Task brief –
Locate the line that contains "Supplier's sheet of". Print it and each following line through the end of the listing, verbatim, and nothing more.

(Data for analysis Opens)

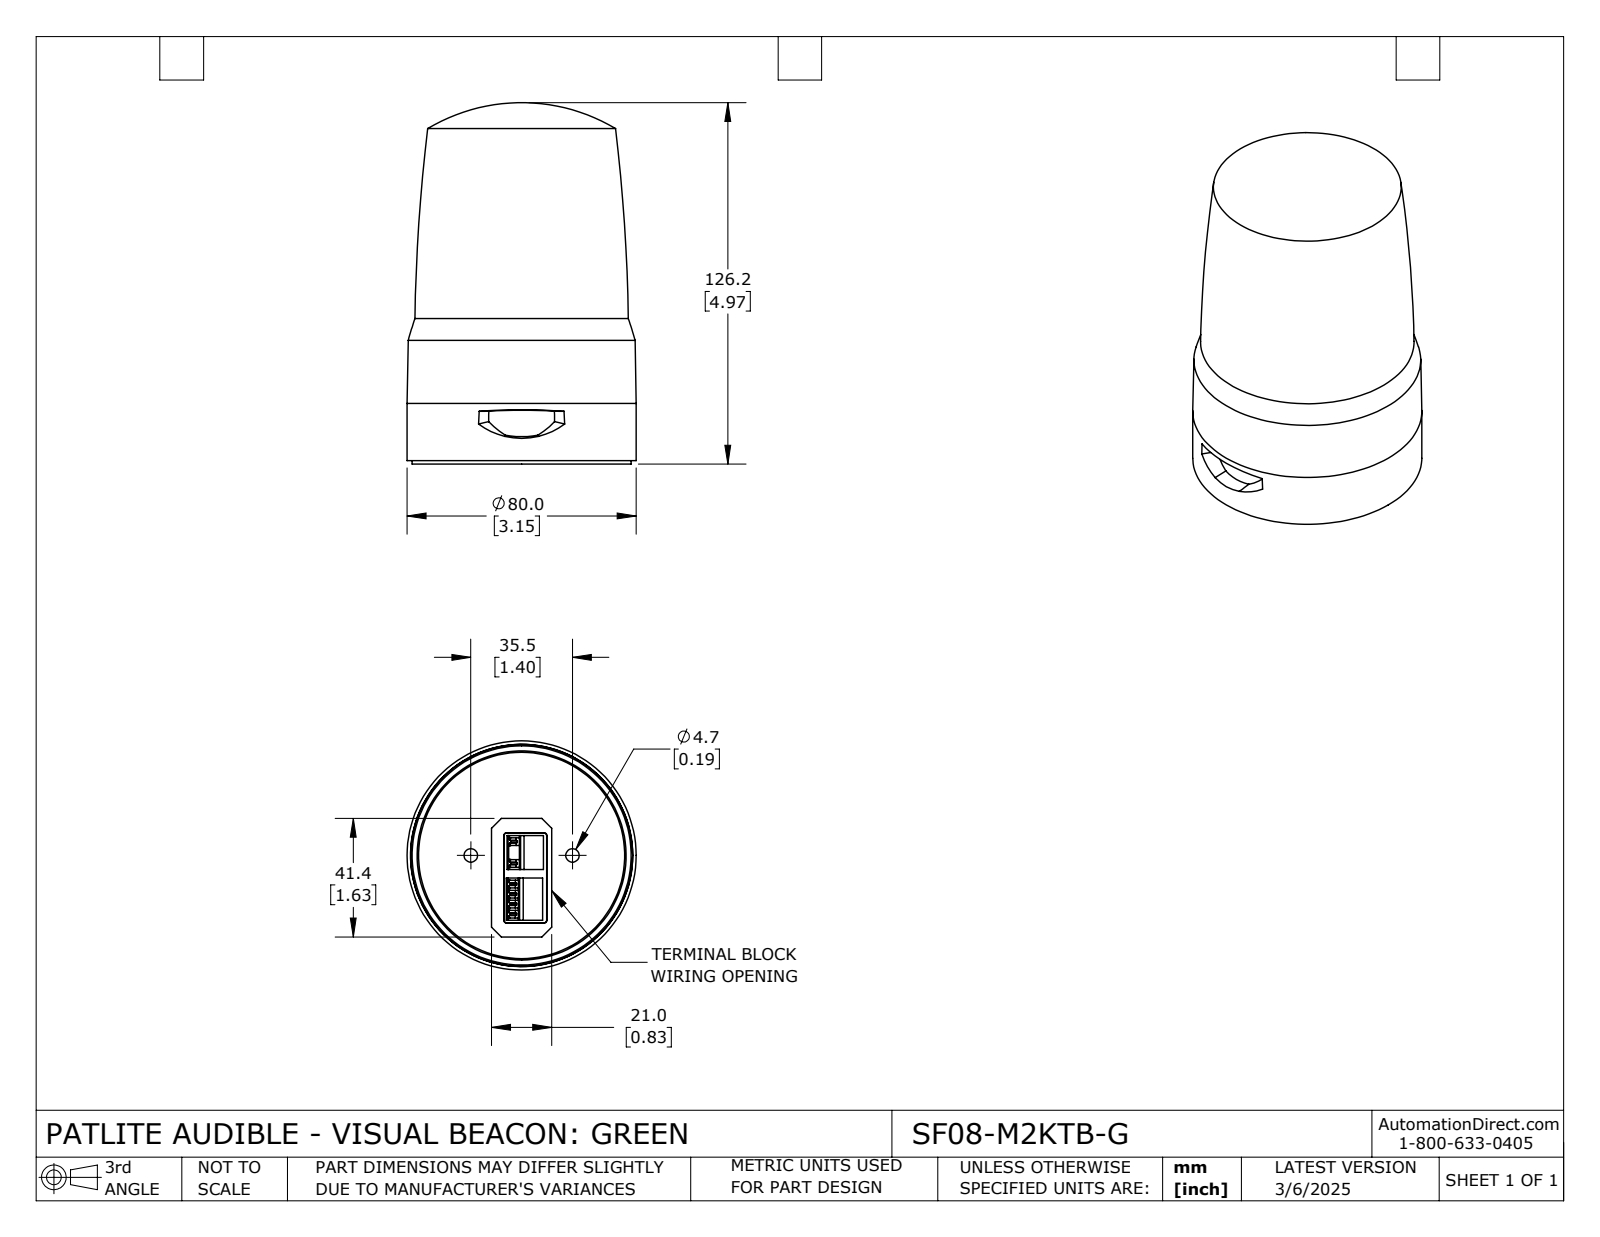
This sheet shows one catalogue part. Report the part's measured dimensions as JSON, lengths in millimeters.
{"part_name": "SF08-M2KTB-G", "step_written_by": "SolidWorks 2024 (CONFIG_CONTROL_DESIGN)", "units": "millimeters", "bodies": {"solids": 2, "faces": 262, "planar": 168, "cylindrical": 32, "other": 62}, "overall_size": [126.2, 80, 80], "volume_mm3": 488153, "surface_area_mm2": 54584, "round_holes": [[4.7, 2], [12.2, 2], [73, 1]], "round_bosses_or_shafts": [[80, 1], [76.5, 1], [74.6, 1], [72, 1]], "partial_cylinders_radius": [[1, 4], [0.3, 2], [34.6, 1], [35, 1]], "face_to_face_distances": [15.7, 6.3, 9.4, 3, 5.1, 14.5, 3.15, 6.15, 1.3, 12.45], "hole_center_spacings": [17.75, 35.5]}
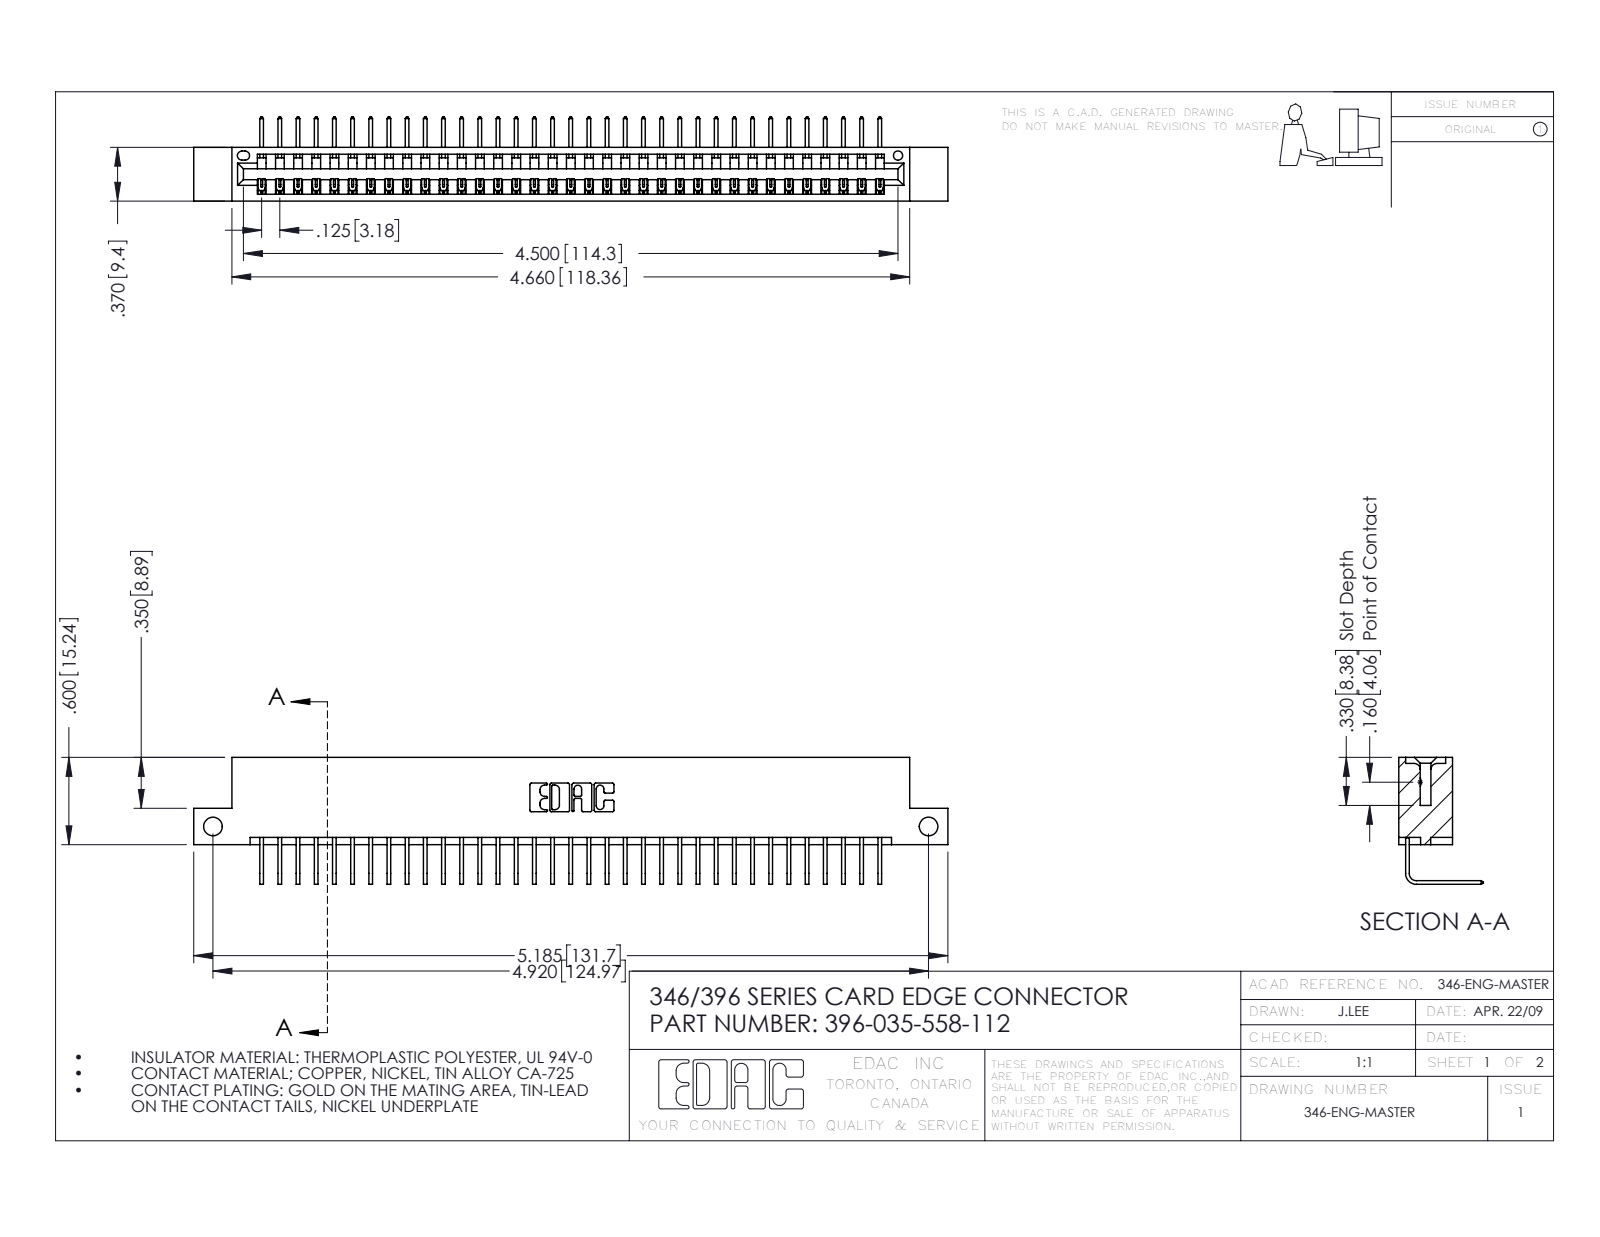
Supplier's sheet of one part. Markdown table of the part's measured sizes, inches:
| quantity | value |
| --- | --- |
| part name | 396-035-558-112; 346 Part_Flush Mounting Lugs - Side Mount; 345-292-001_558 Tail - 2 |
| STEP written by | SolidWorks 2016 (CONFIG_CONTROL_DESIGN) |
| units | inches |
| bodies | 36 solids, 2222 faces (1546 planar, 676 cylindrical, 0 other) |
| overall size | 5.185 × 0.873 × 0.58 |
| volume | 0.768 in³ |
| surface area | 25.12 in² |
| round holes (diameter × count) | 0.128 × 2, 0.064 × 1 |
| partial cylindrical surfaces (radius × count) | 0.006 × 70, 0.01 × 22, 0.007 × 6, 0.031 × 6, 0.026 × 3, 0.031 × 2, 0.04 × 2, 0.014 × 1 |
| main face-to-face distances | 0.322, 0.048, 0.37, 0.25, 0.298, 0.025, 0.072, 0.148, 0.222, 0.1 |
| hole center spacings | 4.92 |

(Data for analysis Closes)

Result of this task –
Supplier's sheet of one part. Markdown table of the part's measured sizes, inches:
| quantity | value |
| --- | --- |
| part name | 396-035-558-112; 346 Part_Flush Mounting Lugs - Side Mount; 345-292-001_558 Tail - 2 |
| STEP written by | SolidWorks 2016 (CONFIG_CONTROL_DESIGN) |
| units | inches |
| bodies | 36 solids, 2222 faces (1546 planar, 676 cylindrical, 0 other) |
| overall size | 5.185 × 0.873 × 0.58 |
| volume | 0.768 in³ |
| surface area | 25.12 in² |
| round holes (diameter × count) | 0.128 × 2, 0.064 × 1 |
| partial cylindrical surfaces (radius × count) | 0.006 × 70, 0.01 × 22, 0.007 × 6, 0.031 × 6, 0.026 × 3, 0.031 × 2, 0.04 × 2, 0.014 × 1 |
| main face-to-face distances | 0.322, 0.048, 0.37, 0.25, 0.298, 0.025, 0.072, 0.148, 0.222, 0.1 |
| hole center spacings | 4.92 |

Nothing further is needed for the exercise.